Problem to work on = Among the entries below, please repeat exactly and only the lines from the line containing "#736=DIRECTION('',(1.0,0.0,0.0));" to the line containing "#781=FACE_BOUND('',#780,.T.);", both lines included.

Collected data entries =
========================

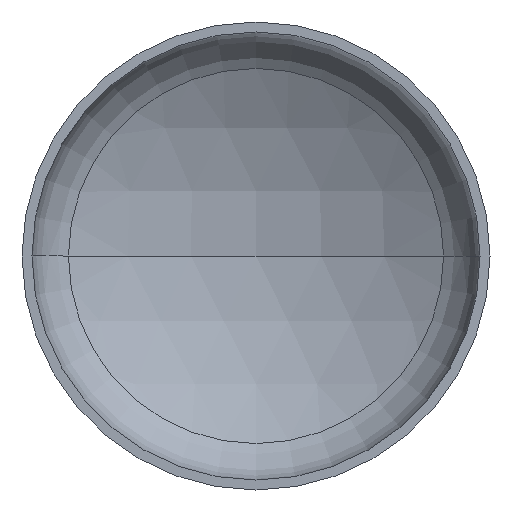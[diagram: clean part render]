
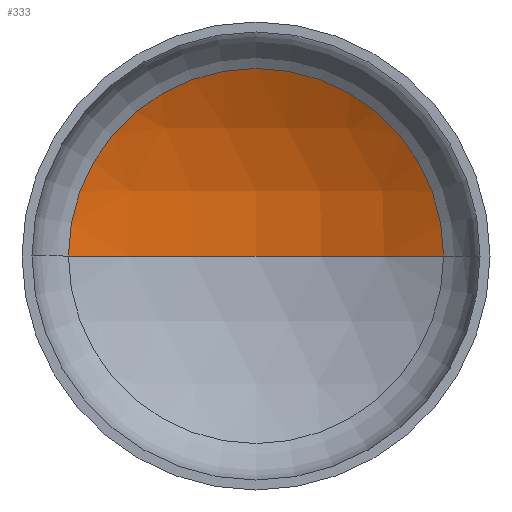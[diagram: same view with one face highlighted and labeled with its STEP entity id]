
A CAD part, front view. The second image highlights one B-rep face of the part: STEP entity #333.
In plain terms, the highlighted spherical face has radius 640 mm.
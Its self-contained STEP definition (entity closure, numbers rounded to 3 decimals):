
#18 = EDGE_LOOP ( 'NONE', ( #121, #150, #112 ) ) ;
#25 = AXIS2_PLACEMENT_3D ( 'NONE', #209, #373, #237 ) ;
#26 = AXIS2_PLACEMENT_3D ( 'NONE', #206, #207, #194 ) ;
#27 = AXIS2_PLACEMENT_3D ( 'NONE', #295, #219, #218 ) ;
#70 = EDGE_CURVE ( 'NONE', #154, #179, #405, .T. ) ;
#71 = EDGE_CURVE ( 'NONE', #81, #154, #230, .T. ) ;
#72 = EDGE_CURVE ( 'NONE', #81, #179, #141, .T. ) ;
#81 = VERTEX_POINT ( 'NONE', #296 ) ;
#112 = ORIENTED_EDGE ( 'NONE', *, *, #70, .T. ) ;
#121 = ORIENTED_EDGE ( 'NONE', *, *, #72, .F. ) ;
#138 = CARTESIAN_POINT ( 'NONE',  ( 0., -390.714, 0. ) ) ;
#141 = CIRCLE ( 'NONE', #25, 640. ) ;
#150 = ORIENTED_EDGE ( 'NONE', *, *, #71, .T. ) ;
#154 = VERTEX_POINT ( 'NONE', #181 ) ;
#171 = DIRECTION ( 'NONE',  ( -1., 0., 0. ) ) ;
#179 = VERTEX_POINT ( 'NONE', #240 ) ;
#181 = CARTESIAN_POINT ( 'NONE',  ( 320.621, 163.183, 0. ) ) ;
#194 = DIRECTION ( 'NONE',  ( -1., 0., 0. ) ) ;
#206 = CARTESIAN_POINT ( 'NONE',  ( 0., -390.714, 0. ) ) ;
#207 = DIRECTION ( 'NONE',  ( 0., 0., -1. ) ) ;
#209 = CARTESIAN_POINT ( 'NONE',  ( 0., -390.714, 0. ) ) ;
#212 = AXIS2_PLACEMENT_3D ( 'NONE', #138, #376, #171 ) ;
#218 = DIRECTION ( 'NONE',  ( 1., 0., 0. ) ) ;
#219 = DIRECTION ( 'NONE',  ( 0., -1., 0. ) ) ;
#230 = CIRCLE ( 'NONE', #26, 640. ) ;
#237 = DIRECTION ( 'NONE',  ( 1., 0., 0. ) ) ;
#240 = CARTESIAN_POINT ( 'NONE',  ( -320.621, 163.183, 0. ) ) ;
#264 = FACE_OUTER_BOUND ( 'NONE', #18, .T. ) ;
#295 = CARTESIAN_POINT ( 'NONE',  ( 0., 163.183, 0. ) ) ;
#296 = CARTESIAN_POINT ( 'NONE',  ( 0., 249.286, 0. ) ) ;
#333 = ADVANCED_FACE ( 'NONE', ( #264 ), #378, .F. ) ;
#373 = DIRECTION ( 'NONE',  ( 0., 0., 1. ) ) ;
#376 = DIRECTION ( 'NONE',  ( 0., 0., -1. ) ) ;
#378 = SPHERICAL_SURFACE ( 'NONE', #212, 640. ) ;
#405 = CIRCLE ( 'NONE', #27, 320.621 ) ;
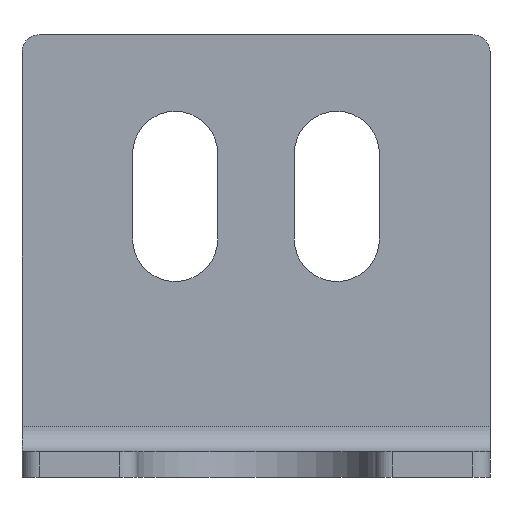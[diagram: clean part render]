
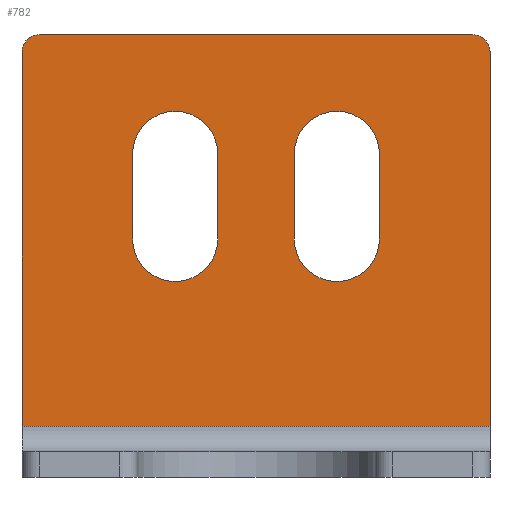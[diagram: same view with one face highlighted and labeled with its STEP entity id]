
A CAD part, front view. The second image highlights one B-rep face of the part: STEP entity #782.
In plain terms, the highlighted planar face has unit normal (0, -1, 0).
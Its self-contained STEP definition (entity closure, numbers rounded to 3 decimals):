
#305=CARTESIAN_POINT('',(25.5,-3.,52.0));
#306=VERTEX_POINT('',#305);
#313=CARTESIAN_POINT('',(27.5,-3.,50.0));
#314=VERTEX_POINT('',#313);
#315=CARTESIAN_POINT('',(25.5,-3.,50.0));
#316=DIRECTION('',(0.0,1.0,0.0));
#317=DIRECTION('',(0.707,0.0,0.707));
#318=AXIS2_PLACEMENT_3D('',#315,#316,#317);
#319=CIRCLE('',#318,2.);
#320=EDGE_CURVE('',#306,#314,#319,.T.);
#345=CARTESIAN_POINT('',(-25.5,-3.,52.0));
#346=VERTEX_POINT('',#345);
#353=CARTESIAN_POINT('',(25.5,-3.,52.0));
#354=DIRECTION('',(-1.0,0.0,0.0));
#355=VECTOR('',#354,51.0);
#356=LINE('',#353,#355);
#357=EDGE_CURVE('',#306,#346,#356,.T.);
#480=CARTESIAN_POINT('',(-27.5,-3.,50.0));
#481=VERTEX_POINT('',#480);
#482=CARTESIAN_POINT('',(-25.5,-3.,50.0));
#483=DIRECTION('',(0.0,1.0,0.0));
#484=DIRECTION('',(-0.707,0.0,0.707));
#485=AXIS2_PLACEMENT_3D('',#482,#483,#484);
#486=CIRCLE('',#485,2.);
#487=EDGE_CURVE('',#481,#346,#486,.T.);
#531=CARTESIAN_POINT('',(-27.5,-3.,6.));
#532=VERTEX_POINT('',#531);
#540=CARTESIAN_POINT('',(-27.5,-3.,50.0));
#541=DIRECTION('',(0.0,0.0,-1.0));
#542=VECTOR('',#541,44.);
#543=LINE('',#540,#542);
#544=EDGE_CURVE('',#481,#532,#543,.T.);
#555=CARTESIAN_POINT('',(14.5,-3.,38.0));
#556=VERTEX_POINT('',#555);
#563=CARTESIAN_POINT('',(4.5,-3.,38.0));
#564=VERTEX_POINT('',#563);
#565=CARTESIAN_POINT('',(9.5,-3.,38.0));
#566=DIRECTION('',(0.0,1.0,0.0));
#567=DIRECTION('',(1.0,0.0,0.0));
#568=AXIS2_PLACEMENT_3D('',#565,#566,#567);
#569=CIRCLE('',#568,5.0);
#570=EDGE_CURVE('',#564,#556,#569,.T.);
#588=CARTESIAN_POINT('',(4.5,-3.,28.));
#589=VERTEX_POINT('',#588);
#590=CARTESIAN_POINT('',(4.5,-3.,28.));
#591=DIRECTION('',(0.0,0.0,1.0));
#592=VECTOR('',#591,10.);
#593=LINE('',#590,#592);
#594=EDGE_CURVE('',#589,#564,#593,.T.);
#612=CARTESIAN_POINT('',(14.5,-3.,28.));
#613=VERTEX_POINT('',#612);
#614=CARTESIAN_POINT('',(9.5,-3.,28.));
#615=DIRECTION('',(0.0,1.0,0.0));
#616=DIRECTION('',(-1.0,0.0,0.0));
#617=AXIS2_PLACEMENT_3D('',#614,#615,#616);
#618=CIRCLE('',#617,5.0);
#619=EDGE_CURVE('',#613,#589,#618,.T.);
#637=CARTESIAN_POINT('',(14.5,-3.,38.0));
#638=DIRECTION('',(0.0,0.0,-1.0));
#639=VECTOR('',#638,10.);
#640=LINE('',#637,#639);
#641=EDGE_CURVE('',#556,#613,#640,.T.);
#653=CARTESIAN_POINT('',(-4.5,-3.,28.));
#654=VERTEX_POINT('',#653);
#661=CARTESIAN_POINT('',(-4.5,-3.,38.0));
#662=VERTEX_POINT('',#661);
#663=CARTESIAN_POINT('',(-4.5,-3.,38.0));
#664=DIRECTION('',(0.0,0.0,-1.0));
#665=VECTOR('',#664,10.);
#666=LINE('',#663,#665);
#667=EDGE_CURVE('',#662,#654,#666,.T.);
#685=CARTESIAN_POINT('',(-14.5,-3.,38.0));
#686=VERTEX_POINT('',#685);
#687=CARTESIAN_POINT('',(-9.5,-3.,38.0));
#688=DIRECTION('',(0.0,1.0,0.0));
#689=DIRECTION('',(-1.0,0.0,0.0));
#690=AXIS2_PLACEMENT_3D('',#687,#688,#689);
#691=CIRCLE('',#690,5.0);
#692=EDGE_CURVE('',#686,#662,#691,.T.);
#710=CARTESIAN_POINT('',(-14.5,-3.,28.));
#711=VERTEX_POINT('',#710);
#712=CARTESIAN_POINT('',(-14.5,-3.,28.));
#713=DIRECTION('',(0.0,0.0,1.0));
#714=VECTOR('',#713,10.);
#715=LINE('',#712,#714);
#716=EDGE_CURVE('',#711,#686,#715,.T.);
#734=CARTESIAN_POINT('',(-9.5,-3.,28.));
#735=DIRECTION('',(0.0,1.0,0.0));
#736=DIRECTION('',(1.0,0.0,0.0));
#737=AXIS2_PLACEMENT_3D('',#734,#735,#736);
#738=CIRCLE('',#737,5.0);
#739=EDGE_CURVE('',#654,#711,#738,.T.);
#745=CARTESIAN_POINT('',(27.5,-3.,52.0));
#746=DIRECTION('',(0.0,-1.0,0.0));
#747=DIRECTION('',(0.0,0.0,-1.0));
#748=AXIS2_PLACEMENT_3D('',#745,#746,#747);
#749=PLANE('',#748);
#750=ORIENTED_EDGE('',*,*,#320,.F.);
#751=ORIENTED_EDGE('',*,*,#357,.T.);
#752=ORIENTED_EDGE('',*,*,#487,.F.);
#753=ORIENTED_EDGE('',*,*,#544,.T.);
#754=CARTESIAN_POINT('',(27.5,-3.,6.));
#755=VERTEX_POINT('',#754);
#756=CARTESIAN_POINT('',(27.5,-3.,6.));
#757=DIRECTION('',(-1.0,0.0,0.0));
#758=VECTOR('',#757,55.0);
#759=LINE('',#756,#758);
#760=EDGE_CURVE('',#755,#532,#759,.T.);
#761=ORIENTED_EDGE('',*,*,#760,.F.);
#762=CARTESIAN_POINT('',(27.5,-3.,6.));
#763=DIRECTION('',(0.0,0.0,1.0));
#764=VECTOR('',#763,44.0);
#765=LINE('',#762,#764);
#766=EDGE_CURVE('',#755,#314,#765,.T.);
#767=ORIENTED_EDGE('',*,*,#766,.T.);
#768=EDGE_LOOP('',(#750,#751,#752,#753,#761,#767));
#769=FACE_OUTER_BOUND('',#768,.T.);
#770=ORIENTED_EDGE('',*,*,#619,.T.);
#771=ORIENTED_EDGE('',*,*,#594,.T.);
#772=ORIENTED_EDGE('',*,*,#570,.T.);
#773=ORIENTED_EDGE('',*,*,#641,.T.);
#774=EDGE_LOOP('',(#770,#771,#772,#773));
#775=FACE_BOUND('',#774,.T.);
#776=ORIENTED_EDGE('',*,*,#716,.T.);
#777=ORIENTED_EDGE('',*,*,#692,.T.);
#778=ORIENTED_EDGE('',*,*,#667,.T.);
#779=ORIENTED_EDGE('',*,*,#739,.T.);
#780=EDGE_LOOP('',(#776,#777,#778,#779));
#781=FACE_BOUND('',#780,.T.);
#782=ADVANCED_FACE('',(#769,#775,#781),#749,.T.);

========================

Completed task =
#736=DIRECTION('',(1.0,0.0,0.0));
#737=AXIS2_PLACEMENT_3D('',#734,#735,#736);
#738=CIRCLE('',#737,5.0);
#739=EDGE_CURVE('',#654,#711,#738,.T.);
#745=CARTESIAN_POINT('',(27.5,-3.,52.0));
#746=DIRECTION('',(0.0,-1.0,0.0));
#747=DIRECTION('',(0.0,0.0,-1.0));
#748=AXIS2_PLACEMENT_3D('',#745,#746,#747);
#749=PLANE('',#748);
#750=ORIENTED_EDGE('',*,*,#320,.F.);
#751=ORIENTED_EDGE('',*,*,#357,.T.);
#752=ORIENTED_EDGE('',*,*,#487,.F.);
#753=ORIENTED_EDGE('',*,*,#544,.T.);
#754=CARTESIAN_POINT('',(27.5,-3.,6.));
#755=VERTEX_POINT('',#754);
#756=CARTESIAN_POINT('',(27.5,-3.,6.));
#757=DIRECTION('',(-1.0,0.0,0.0));
#758=VECTOR('',#757,55.0);
#759=LINE('',#756,#758);
#760=EDGE_CURVE('',#755,#532,#759,.T.);
#761=ORIENTED_EDGE('',*,*,#760,.F.);
#762=CARTESIAN_POINT('',(27.5,-3.,6.));
#763=DIRECTION('',(0.0,0.0,1.0));
#764=VECTOR('',#763,44.0);
#765=LINE('',#762,#764);
#766=EDGE_CURVE('',#755,#314,#765,.T.);
#767=ORIENTED_EDGE('',*,*,#766,.T.);
#768=EDGE_LOOP('',(#750,#751,#752,#753,#761,#767));
#769=FACE_OUTER_BOUND('',#768,.T.);
#770=ORIENTED_EDGE('',*,*,#619,.T.);
#771=ORIENTED_EDGE('',*,*,#594,.T.);
#772=ORIENTED_EDGE('',*,*,#570,.T.);
#773=ORIENTED_EDGE('',*,*,#641,.T.);
#774=EDGE_LOOP('',(#770,#771,#772,#773));
#775=FACE_BOUND('',#774,.T.);
#776=ORIENTED_EDGE('',*,*,#716,.T.);
#777=ORIENTED_EDGE('',*,*,#692,.T.);
#778=ORIENTED_EDGE('',*,*,#667,.T.);
#779=ORIENTED_EDGE('',*,*,#739,.T.);
#780=EDGE_LOOP('',(#776,#777,#778,#779));
#781=FACE_BOUND('',#780,.T.);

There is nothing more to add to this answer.